もう一つは、 “Closing the gap in a generation: Health equity through action on the social determinants of health“ (世代内の健康格差を縮める:健康の社会的決定要因への働きかけを通しての健康における公正の達成) これは「健康の社会的決定要因」という近年、重視されているPHCと密接に関連する考え方です。

そして21世紀中葉に向かう現在の日本は、世界に先駆けて「少産多死」という人口転換 、いわば第4の健康転換期 に突入しており、財政も含めて大変な時代である。 だからこそ、PHCについて考え直すことが非常に重要な時期であるといえます。』

この文書でPHCの21世紀版と呼ばれている
「World Health Report  Primary Health Care: Now More Than Ever” (世界健康白書 プライマリ・ヘルス・ケア:それはこれまでにも増して必要とされている)」
http://www.who.int/whr/2008/whr08_en.pdf

を初めて知り、さっそく読んで、2008年のこの文書をこれまで見落としていたことを悔やんだ。

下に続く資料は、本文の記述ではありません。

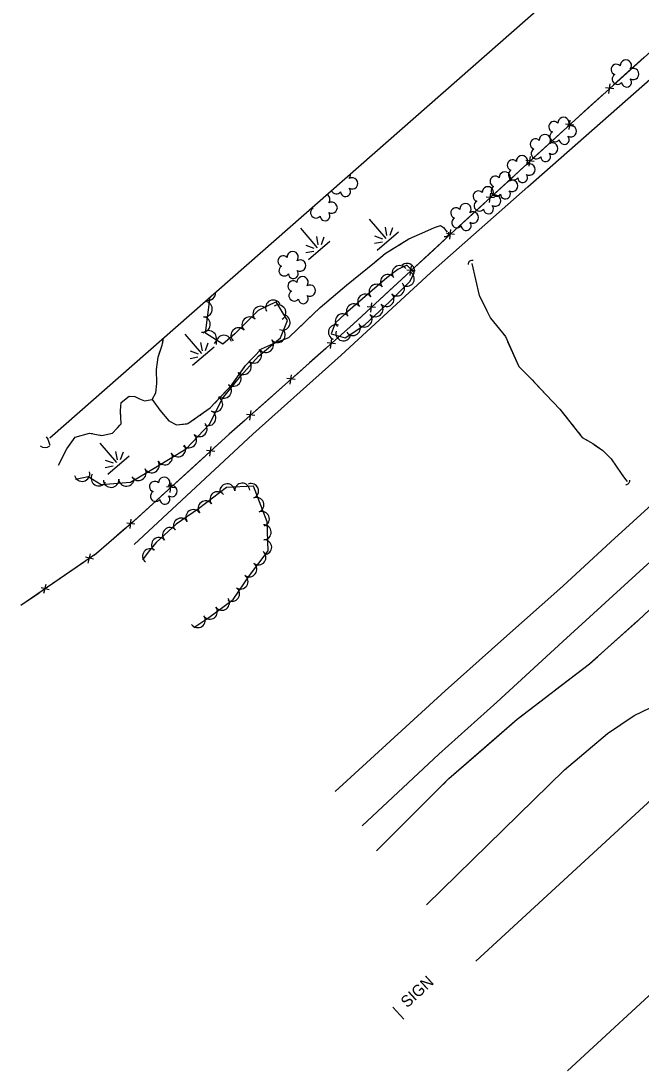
# Model space of a CAD drawing. Extents: x 295302 to 297577, y 27143 to 29590.
# Drawn here: x 295710 to 296036, y 28030 to 28582 of the extents above; entities that cross this region are included whole.
import ezdxf

# ---------------------------------------------------------------- set-up
doc = ezdxf.new("R2010")
doc.units = 0
for name, color, linetype in [('Level 11', 7, 'Continuous'), ('Level 12', 7, 'Continuous'), ('Level 14', 7, 'Continuous'), ('Level 15', 7, 'Continuous'), ('Level 17', 7, 'Continuous'), ('Level 18', 7, 'Continuous'), ('Level 19', 7, 'Continuous'), ('Level 4', 7, 'Continuous')]:
    doc.layers.add(name, color=color, linetype=linetype)

msp = doc.modelspace()

# ---------------------------------------------------------------- linework, layer by layer
at = {"layer": 'Level 11'}
for points in [[(295875.36, 28176.97), (295933.16, 28229.89), (295963.95, 28257.42), (295994.85, 28284.91), (296020.17, 28308.14), (296053.31, 28338.3), (296080.66, 28364.03), (296109.33, 28390.19), (296137.45, 28415.82), (296168.64, 28444.28), (296193.89, 28466.94), (296211.46, 28483.1), (296243.37, 28511.75), (296271.82, 28538.33), (296291, 28555.78), (296294.87, 28559.97), (296297.65, 28563.85)], [(295889.55, 28159.05), (295929.9, 28196.61), (295960.23, 28223.99), (295994.84, 28255.85), (296037.19, 28294.52), (296061.88, 28316.46), (296091.53, 28343.54), (296125.49, 28375.06), (296156.05, 28402.79), (296185.39, 28429.34), (296231.09, 28471.28), (296271.66, 28507.98), (296280.16, 28516.21), (296284, 28519.76), (296286.47, 28521.53), (296289.27, 28523.36), (296290.75, 28524.15), (296293.46, 28524.51), (296295.97, 28523.95)]]:
    msp.add_lwpolyline(points, dxfattribs=at)
at = {"layer": 'Level 12'}
msp.add_lwpolyline([(295997.3, 28030.32), (296109.73, 28134.03), (296059.4, 28189.22), (295949.16, 28088.06)], dxfattribs=at)
at = {"layer": 'Level 14'}
msp.add_line((295905.59, 28063.79), (295911.52, 28057.47), dxfattribs=at)
at = {"layer": 'Level 15'}
for p, q in [((296019.55, 28548.5), (296018.96, 28543.53)), ((296021.63, 28545.95), (296017.36, 28546.43)), ((296000.67, 28526.93), (295996.4, 28527.38)), ((295998.57, 28529.47), (295998.02, 28524.49)), ((295977.72, 28510.33), (295977.16, 28505.35)), ((295979.82, 28507.78), (295975.54, 28508.24)), ((295958.96, 28488.64), (295954.69, 28489.09)), ((295956.86, 28491.18), (295956.31, 28486.2)), ((295936.01, 28472.03), (295935.47, 28467.05)), ((295938.12, 28469.49), (295933.84, 28469.93)), ((295917.32, 28450.29), (295913.04, 28450.73)), ((295915.21, 28452.82), (295914.67, 28447.84)), ((295896.52, 28431.08), (295892.24, 28431.52)), ((295894.41, 28433.62), (295893.87, 28428.64)), ((295875.52, 28412.05), (295871.26, 28412.58)), ((295873.46, 28414.63), (295872.82, 28409.66)), ((295854.35, 28393.25), (295850.09, 28393.78)), ((295852.3, 28395.83), (295851.66, 28390.86)), ((295831.13, 28377.03), (295830.49, 28372.06)), ((295833.19, 28374.45), (295828.92, 28374.97)), ((295812.13, 28355.56), (295807.86, 28356.03)), ((295810.04, 28358.11), (295809.47, 28353.13)), ((295789.11, 28339.05), (295788.53, 28334.08)), ((295791.19, 28336.5), (295786.92, 28336.97)), ((295770.23, 28317.43), (295765.97, 28317.99)), ((295768.19, 28320.03), (295767.51, 28315.06)), ((295748.55, 28298.98), (295744.39, 28300.03)), ((295746.83, 28301.79), (295745.58, 28296.94)), ((295725.2, 28282.98), (295721.03, 28284.03)), ((295723.48, 28285.79), (295722.22, 28280.94))]:
    msp.add_line(p, q, dxfattribs=at)
for points in [[(296276.18, 28846.07), (296285.34, 28791.28), (296208.62, 28719.5), (296139.52, 28656.15), (296075.6, 28596.91), (296001.45, 28529.71), (295938.47, 28471.89), (295884.83, 28422.36), (295819.8, 28364.6), (295769.53, 28318.85), (295750.14, 28301.92), (295710.44, 28274.72)], [(296037.63, 28562.5), (296029.11, 28554.78)], [(296029.11, 28554.78), (296021.61, 28547.98)], [(296016.65, 28543.49), (296008.13, 28535.77)], [(296008.13, 28535.77), (296001.45, 28529.71), (296000.64, 28528.97)], [(295995.71, 28524.44), (295987.23, 28516.67)], [(295987.23, 28516.67), (295979.78, 28509.82)], [(295974.85, 28505.3), (295966.38, 28497.52)], [(295966.38, 28497.52), (295958.93, 28490.68)], [(295954, 28486.15), (295945.53, 28478.37)], [(295945.53, 28478.37), (295938.47, 28471.89), (295938.08, 28471.53)], [(295933.16, 28466.99), (295924.71, 28459.19)], [(295924.71, 28459.19), (295917.28, 28452.32)], [(295912.36, 28447.79), (295903.91, 28439.98)], [(295903.91, 28439.98), (295896.48, 28433.12)], [(295891.56, 28428.58), (295884.83, 28422.36), (295883.08, 28420.81)], [(295883.08, 28420.81), (295875.52, 28414.09)], [(295870.52, 28409.65), (295861.92, 28402.01)], [(295861.92, 28402.01), (295854.35, 28395.29)], [(295849.35, 28390.85), (295840.75, 28383.21)], [(295840.75, 28383.21), (295833.19, 28376.49)], [(295828.18, 28372.05), (295819.8, 28364.6), (295819.59, 28364.4)], [(295819.59, 28364.4), (295812.1, 28357.6)], [(295807.16, 28353.09), (295798.65, 28345.35)], [(295798.65, 28345.35), (295791.17, 28338.54)], [(295786.22, 28334.04), (295777.71, 28326.3)], [(295777.71, 28326.3), (295770.23, 28319.49)], [(295765.21, 28315.07), (295756.54, 28307.5)], [(295756.54, 28307.5), (295750.14, 28301.92), (295748.8, 28301)], [(295743.29, 28297.22), (295733.8, 28290.72)], [(295733.8, 28290.72), (295725.45, 28285)], [(295719.93, 28281.22), (295710.44, 28274.72)]]:
    msp.add_lwpolyline(points, dxfattribs=at)
for centre, radius, start, end in [((295933.03, 28470.48), 2.14, 259.782, 6.0216), ((295947.33, 28453.7), 2.17, 74.4067, 180.6463), ((296028.21, 28340.07), 1.84, 265.0937, 11.3332)]:
    msp.add_arc(centre, radius, start, end, dxfattribs=at)
at = {"layer": 'Level 17'}
for points in [[(295769.8, 28306.78), (295832.14, 28364.62), (295878.58, 28406.02), (295925.45, 28449.27), (295976.52, 28494.41), (296049.61, 28558.68), (296125.2, 28629.4), (296196.94, 28696.67), (296248.89, 28742.92), (296276.75, 28769.94), (296287.3, 28777.73)], [(295923.43, 28117.62), (295995.81, 28188.42), (296018.45, 28207.44), (296032.34, 28216.99), (296045.11, 28223.03)]]:
    msp.add_lwpolyline(points, dxfattribs=at)
at = {"layer": 'Level 18'}
for points in [[(295880.85, 28428.06), (295875.46, 28422.94), (295873.23, 28417.24), (295880.72, 28415.12), (295890.92, 28422.1), (295903.84, 28434.17), (295914.72, 28445.03), (295916.85, 28449.41), (295913.04, 28453.42), (295908.28, 28451.02), (295902.53, 28446.77), (295880.85, 28428.06)], [(295739.05, 28340.93), (295745.68, 28342.45), (295752.59, 28338.23), (295767.9, 28339.37), (295781.26, 28347.26), (295797.18, 28356.95), (295809.57, 28370.04), (295816.05, 28383.15), (295825.79, 28395.18), (295835.17, 28405.56), (295846.73, 28415.28), (295850.42, 28424.32), (295844.47, 28434.08), (295835.04, 28429.52), (295822.67, 28417.37), (295816.42, 28411.88), (295807.31, 28417.71), (295809.85, 28436.64)], [(295723.67, 28363.18), (295724.61, 28361.95), (295725.54, 28358.93)], [(295801.17, 28263.08), (295809.07, 28268.47), (295821.79, 28277.88), (295830.42, 28290.42), (295840.26, 28303.3), (295839.7, 28318.62), (295832.45, 28337.3), (295818.26, 28336.69), (295803.72, 28325.49), (295791.88, 28317.39), (295781.41, 28307.83), (295777.72, 28303.3), (295774.18, 28298.73)]]:
    msp.add_lwpolyline(points, dxfattribs=at)
for centre, radius, start, end in [((296023.07, 28556.05), 2.78, 43.9105, 251.6835), ((296028.04, 28558.09), 2.97, 320.9396, 182.1735), ((296023.61, 28551.02), 2.78, 120.5875, 321.5986), ((296031.92, 28553.7), 2.97, 238.5904, 121.5637), ((296028.4, 28549.44), 2.61, 183.2957, 41.2283), ((295995.3, 28528), 2.97, 320.9396, 182.1735), ((295990.33, 28525.96), 2.78, 43.9105, 251.6835), ((295999.18, 28523.61), 2.97, 238.5904, 121.5637), ((295980.57, 28516.95), 2.78, 43.9105, 251.6835), ((295985.54, 28518.99), 2.97, 320.9396, 182.1735), ((295990.87, 28520.93), 2.78, 120.5875, 321.5986), ((295995.66, 28519.35), 2.61, 183.2957, 41.2283), ((295981.11, 28511.92), 2.78, 120.5875, 321.5986), ((295989.41, 28514.6), 2.97, 238.5904, 121.5637), ((295968.52, 28505.88), 2.78, 43.9105, 251.6835), ((295973.49, 28507.92), 2.97, 320.9396, 182.1735), ((295985.9, 28510.34), 2.61, 183.2957, 41.2283), ((295969.07, 28500.85), 2.78, 120.5875, 321.5986), ((295977.37, 28503.53), 2.97, 238.5904, 121.5637), ((295880.46, 28500.66), 2.97, 320.9396, 10.6659), ((295884.33, 28496.27), 2.97, 238.5904, 121.5637), ((295959.47, 28497.31), 2.78, 43.9105, 251.6835), ((295964.44, 28499.35), 2.97, 320.9396, 182.1735), ((295968.32, 28494.96), 2.97, 238.5904, 121.5637), ((295973.85, 28499.27), 2.61, 183.2957, 41.2283), ((295876.03, 28493.58), 2.78, 202.9151, 321.5986), ((295880.82, 28492.01), 2.61, 183.2957, 41.2283), ((295950.56, 28489.54), 2.78, 43.9105, 251.6835), ((295955.53, 28491.58), 2.97, 320.9396, 182.1735), ((295960.01, 28492.28), 2.78, 120.5875, 321.5986), ((295964.8, 28490.7), 2.61, 183.2957, 41.2283), ((295869.69, 28487.91), 2.97, 320.9396, 60.0715), ((295951.1, 28484.51), 2.78, 120.5875, 321.5986), ((295959.4, 28487.19), 2.97, 238.5904, 121.5637), ((295865.26, 28480.84), 2.78, 120.5875, 321.5986), ((295864.72, 28485.87), 2.78, 237.8252, 251.6835), ((295873.56, 28483.52), 2.97, 238.5904, 121.5637), ((295938.88, 28480.72), 2.78, 43.9105, 251.6835), ((295943.85, 28482.76), 2.97, 320.9396, 182.1735), ((295947.72, 28478.37), 2.97, 238.5904, 121.5637), ((295955.89, 28482.93), 2.61, 183.2957, 41.2283), ((295870.05, 28479.26), 2.61, 183.2957, 41.2283), ((295939.42, 28475.69), 2.78, 120.5875, 321.5986), ((295944.21, 28474.11), 2.61, 183.2957, 41.2283), ((295853.08, 28457.53), 2.97, 320.9396, 182.1735), ((295848.11, 28455.49), 2.78, 43.9105, 251.6835), ((295856.95, 28453.14), 2.97, 238.5904, 121.5637), ((295913.09, 28450.37), 3.94, 313.5122, 133.4969), ((295848.65, 28450.46), 2.78, 120.5875, 321.5986), ((295853.44, 28448.88), 2.61, 183.2957, 41.2283), ((295903.09, 28444.53), 3.94, 40.8034, 220.7881), ((295909.26, 28449.18), 3.94, 36.496, 216.4806), ((295912.98, 28446.18), 3.94, 244.011, 63.9957), ((295853.33, 28442.34), 2.78, 43.9105, 251.6835), ((295858.3, 28444.38), 2.97, 320.9396, 182.1735), ((295862.17, 28439.99), 2.97, 238.5904, 121.5637), ((295897.12, 28439.37), 3.94, 40.8034, 220.7881), ((295907.87, 28441.11), 3.94, 224.976, 44.9607), ((295808.65, 28438.86), 4.04, 258.6125, 3.9518), ((295853.87, 28437.31), 2.78, 120.5875, 321.5986), ((295858.66, 28435.73), 2.61, 183.2957, 41.2283), ((295891.16, 28434.22), 3.94, 40.8034, 220.7881), ((295902.34, 28435.59), 3.94, 223.0574, 43.042), ((295806.86, 28430.24), 4.04, 262.3925, 82.3771), ((295836.26, 28427.76), 4.04, 44.4913, 224.476), ((295842.9, 28430.98), 4.04, 25.8364, 205.8211), ((295845.43, 28428.45), 4.04, 301.3712, 121.3558), ((295885.19, 28429.07), 3.94, 40.8034, 220.7881), ((295896.58, 28430.21), 3.94, 223.0574, 43.042), ((295805.79, 28422.24), 4.04, 262.3925, 82.3771), ((295830.5, 28422.1), 4.04, 44.4913, 224.476), ((295847.72, 28423.31), 4.04, 247.8139, 67.7986), ((295879.41, 28423.85), 3.94, 43.4922, 223.4769), ((295890.81, 28424.82), 3.94, 223.0574, 43.042), ((295824.73, 28416.44), 4.04, 44.4913, 224.476), ((295875.79, 28418.1), 3.94, 68.6685, 248.6532), ((295884.72, 28420.36), 3.94, 214.3884, 34.3731), ((295809.04, 28414.93), 4.04, 317.3999, 137.3845), ((295816.94, 28412.48), 4.04, 11.283, 191.2677), ((295845.16, 28416.73), 4.04, 220.0634, 40.048), ((295879.72, 28417.55), 3.94, 164.1978, 344.1825), ((295838.98, 28411.53), 4.04, 220.0634, 40.048), ((295832.71, 28406), 4.04, 227.9176, 47.9023), ((295827.3, 28400.01), 4.04, 227.9176, 47.9023), ((295821.95, 28393.8), 4.04, 231.0089, 50.9935), ((295816.87, 28387.53), 4.04, 231.0089, 50.9935), ((295812.31, 28380.36), 4.04, 243.7036, 63.6883), ((295808.73, 28373.12), 4.04, 243.7036, 63.6883), ((295804.12, 28367.36), 4.04, 226.5815, 46.5661), ((295798.57, 28361.5), 4.04, 226.5815, 46.5661), ((295723.08, 28361.76), 4.15, 233.0815, 307.3926), ((295785.92, 28352.57), 4.04, 211.3351, 31.3198), ((295792.82, 28356.77), 4.04, 211.3351, 31.3198), ((295779.03, 28348.4), 4.04, 210.5749, 30.5596), ((295742.52, 28343.89), 4.04, 192.8773, 12.8619), ((295751.32, 28341.48), 4.04, 148.5982, 328.5829), ((295772.08, 28344.29), 4.04, 210.5749, 30.5596), ((295757.72, 28340.73), 4.04, 184.2664, 4.2511), ((295765.77, 28341.33), 4.04, 184.2664, 4.2511), ((295780.68, 28337.09), 2.78, 43.9105, 251.6835), ((295785.65, 28339.13), 2.97, 320.9396, 182.1735), ((295789.52, 28334.74), 2.97, 238.5904, 121.5637), ((295818.74, 28334.65), 3.93, 2.4567, 182.4414), ((295826.58, 28334.99), 3.93, 2.4567, 182.4414), ((295831.22, 28334.79), 3.93, 291.2254, 111.2101), ((295781.22, 28332.06), 2.78, 120.5875, 321.5986), ((295786.01, 28330.48), 2.61, 183.2957, 41.2283), ((295813.6, 28330.51), 3.93, 37.6023, 217.587), ((295807.38, 28325.72), 3.93, 37.6023, 217.587), ((295834.06, 28327.47), 3.93, 291.2254, 111.2101), ((295800.91, 28321.08), 3.93, 34.3859, 214.3706), ((295836.9, 28320.15), 3.93, 291.2254, 111.2101), ((295794.43, 28316.64), 3.93, 34.3859, 214.3706), ((295837.85, 28313.14), 3.93, 272.0936, 92.0783), ((295782.91, 28306.42), 3.93, 42.4074, 222.3921), ((295788.71, 28311.71), 3.93, 42.4074, 222.3921), ((295838.13, 28305.29), 3.93, 272.0936, 92.0783), ((295778.21, 28300.58), 3.93, 52.204, 232.1886), ((295835.12, 28299.95), 3.93, 232.6236, 52.6083), ((295830.35, 28293.71), 3.93, 232.6236, 52.6083), ((295825.74, 28287.24), 3.93, 235.4641, 55.4487), ((295821.28, 28280.77), 3.93, 235.4641, 55.4487), ((295815.94, 28276.11), 3.93, 216.5046, 36.4893), ((295809.63, 28271.44), 3.93, 216.5046, 36.4893), ((295803.26, 28266.99), 3.93, 214.318, 34.3026)]:
    msp.add_arc(centre, radius, start, end, dxfattribs=at)
at = {"layer": 'Level 19'}
for p, q in [((295893.27, 28477.57), (295901.99, 28467.37)), ((295857.24, 28472.69), (295865.96, 28462.49)), ((295897.42, 28461.29), (295908.67, 28470.9)), ((295902.58, 28468.88), (295901.75, 28473.24)), ((295905.47, 28472.87), (295904.02, 28468.89)), ((295861.39, 28456.41), (295872.63, 28466.02)), ((295866.54, 28464), (295865.72, 28468.36)), ((295869.43, 28467.99), (295867.99, 28464.01)), ((295896.06, 28464.83), (295900.22, 28465.64)), ((295900.45, 28467.06), (295896.27, 28468.56)), ((295860.03, 28459.95), (295864.18, 28460.76)), ((295864.41, 28462.18), (295860.24, 28463.68)), ((295796.41, 28417.13), (295805.13, 28406.93)), ((295800.55, 28400.85), (295811.8, 28410.47)), ((295805.71, 28408.44), (295804.88, 28412.8)), ((295808.6, 28412.43), (295807.16, 28408.45)), ((295799.19, 28404.39), (295803.35, 28405.2)), ((295803.58, 28406.62), (295799.41, 28408.12)), ((295751.84, 28359.9), (295760.56, 28349.7)), ((295761.15, 28351.22), (295760.32, 28355.57)), ((295764.04, 28355.2), (295762.59, 28351.22)), ((295759.02, 28349.39), (295754.84, 28350.89)), ((295755.99, 28343.62), (295767.24, 28353.24)), ((295754.63, 28347.16), (295758.79, 28347.97))]:
    msp.add_line(p, q, dxfattribs=at)
for points in [[(295779.27, 28382.85), (295783.28, 28377.18), (295788.01, 28371.59), (295792.12, 28369.59), (295797.97, 28370.15), (295809.82, 28378.42), (295821.06, 28390.45), (295828.25, 28400.6), (295836.67, 28409.42), (295843.1, 28412.25), (295851.08, 28415.44), (295860, 28423.9), (295867.47, 28431.04), (295881.41, 28442.78), (295896.08, 28454.72), (295901.61, 28459.53), (295914.04, 28467.12), (295922.45, 28470.89), (295927.62, 28473.2), (295930.77, 28474.16), (295932.24, 28473.11), (295934.21, 28470.74)], [(295913.04, 28466.51), (295914.04, 28467.12), (295922.45, 28470.89), (295927.62, 28473.2), (295930.77, 28474.16), (295932.24, 28473.11), (295934.21, 28470.74)], [(295908.76, 28463.9), (295910.19, 28464.77)], [(295900.36, 28458.44), (295901.61, 28459.53), (295901.62, 28459.54)], [(295904.48, 28461.28), (295905.91, 28462.15)], [(295879.12, 28440.85), (295881.41, 28442.78), (295896.08, 28454.72), (295897.84, 28456.25)], [(295947.18, 28454.21), (295951, 28437.51), (295956.89, 28425.6), (295964.74, 28415.93), (295971.86, 28400.1), (295978.82, 28393.08), (295986.17, 28385.25), (295993.4, 28377.76), (296005.15, 28362.95), (296010.62, 28359.67), (296015.95, 28356.1), (296020.27, 28351.7), (296025.51, 28344.06), (296027.34, 28341.5), (296028.71, 28339.72)], [(295947.18, 28454.21), (295951, 28437.51), (295954.96, 28429.51)], [(295860.95, 28424.81), (295867.47, 28431.04), (295879.12, 28440.85)], [(295956.55, 28426.28), (295956.89, 28425.6), (295957.54, 28424.8)], [(295857.32, 28421.36), (295858.53, 28422.51)], [(295959.81, 28422.01), (295960.94, 28420.61)], [(295730.22, 28348.38), (295734.51, 28356.93), (295738.95, 28363.09), (295746.46, 28365.22), (295752.92, 28363.95), (295758.49, 28365.12), (295763.04, 28370.04), (295762.6, 28377.08), (295763.05, 28381.28), (295767.15, 28384.63), (295770.17, 28384.35), (295772.63, 28383.14), (295775.29, 28382.1), (295779.27, 28382.85), (295781.27, 28386.26), (295781.75, 28391.3), (295781.61, 28398.59), (295782.44, 28405.03), (295784.55, 28411.36), (295785.27, 28415.07)], [(295849.75, 28414.91), (295851.08, 28415.44), (295851.25, 28415.6)], [(295853.68, 28417.9), (295854.89, 28419.06)], [(295963.21, 28417.82), (295964.34, 28416.42)], [(295784.66, 28411.93), (295785.01, 28413.72)], [(295827.55, 28399.62), (295828.25, 28400.6), (295836.67, 28409.42), (295843.1, 28412.25), (295846.64, 28413.67)], [(295965.96, 28413.23), (295971.86, 28400.1), (295978.82, 28393.08), (295980.04, 28391.78)], [(295779.18, 28382.83), (295779.27, 28382.85), (295781.27, 28386.26), (295781.75, 28391.3), (295781.61, 28398.59), (295782.44, 28405.03), (295783.58, 28408.44)], [(295812.18, 28380.95), (295821.06, 28390.45), (295827.55, 28399.62)], [(295980.04, 28391.78), (295986.17, 28385.25), (295993.4, 28377.76), (295997.56, 28372.52)], [(295762.87, 28372.69), (295762.6, 28377.08), (295763.05, 28381.28), (295767.15, 28384.63), (295770.17, 28384.35), (295772.63, 28383.14), (295775.29, 28382.1), (295779.18, 28382.83)], [(295779.27, 28382.85), (295783.28, 28377.18), (295788.01, 28371.59), (295792.12, 28369.59), (295797.5, 28370.11)], [(295808.55, 28377.53), (295809.82, 28378.42), (295809.9, 28378.51)], [(295800.32, 28371.79), (295801.69, 28372.75)], [(295804.43, 28374.66), (295805.81, 28375.62)], [(295756.92, 28364.79), (295758.49, 28365.12), (295758.64, 28365.28)], [(295761.12, 28367.97), (295762.36, 28369.31)], [(295999.79, 28369.7), (296000.91, 28368.29)], [(296003.14, 28365.48), (296004.26, 28364.07)], [(295730.22, 28348.38), (295734.51, 28356.93), (295738.95, 28363.09), (295746.46, 28365.22), (295747.96, 28364.93)], [(295751.55, 28364.22), (295752.92, 28363.95), (295753.34, 28364.04)], [(296007.01, 28361.83), (296008.55, 28360.91)], [(296011.6, 28359.01), (296015.95, 28356.1), (296020.27, 28351.7), (296025.51, 28344.06), (296027.34, 28341.5), (296028.71, 28339.72)], [(295897.02, 28145.94), (295935.14, 28183.88), (295971, 28214.98), (296008.91, 28244.12), (296034.43, 28266.81), (296058.6, 28289.49), (296067.61, 28298.02), (296065.26, 28300.62)], [(296013.24, 28247.97), (296034.21, 28266.61)], [(295991.25, 28230.54), (296008.91, 28244.12), (296013.24, 28247.97)], [(295986.65, 28227.01), (295988.18, 28228.19)], [(295982.04, 28223.47), (295983.58, 28224.65)], [(295953.01, 28199.37), (295971, 28214.98), (295974.37, 28217.57)], [(295977.44, 28219.93), (295978.97, 28221.11)], [(295932.01, 28180.76), (295935.14, 28183.88), (295953.01, 28199.37)], [(295927.89, 28176.67), (295929.26, 28178.03)], [(295923.78, 28172.57), (295925.15, 28173.94)], [(295919.66, 28168.47), (295921.03, 28169.84)], [(295897.02, 28145.94), (295916.92, 28165.74)]]:
    msp.add_lwpolyline(points, dxfattribs=at)
at = {"layer": 'Level 4'}
msp.add_lwpolyline([(295725.55, 28362.64), (296492.89, 29036.34)], dxfattribs=at)

# ---------------------------------------------------------------- texts
at = {"layer": 'Level 14'}
msp.add_text('SIGN', height=6, rotation=42.516, dxfattribs=at).set_placement((295913.18, 28063.16))

doc.saveas('drawing.dxf')

Why a renewal of primary health care (PHC), and why now, more than ever?

そこでは、
①ユニバーサル・ヘルス・カバレッジ(要するに国民皆保険)
②人間中心のプライマリ・ケア、
③健康の視点での全ての政策の吟味
の三つからなる「新しいプライマリ・ヘルス・ケア」を提案している。

途上国用のプライマリ・ヘルス・ケア(PHC)、先進国用のヘルス・プロモーションという傾向があったこれまでの健康戦略に対し。途上国にも先進国にも適用できる新しい健康戦略として、リニューアルされたPHCが提唱されているのである。

この変化の推進力が健康の社会的決定要因SDHの科学的確認だったのは言うまでもない。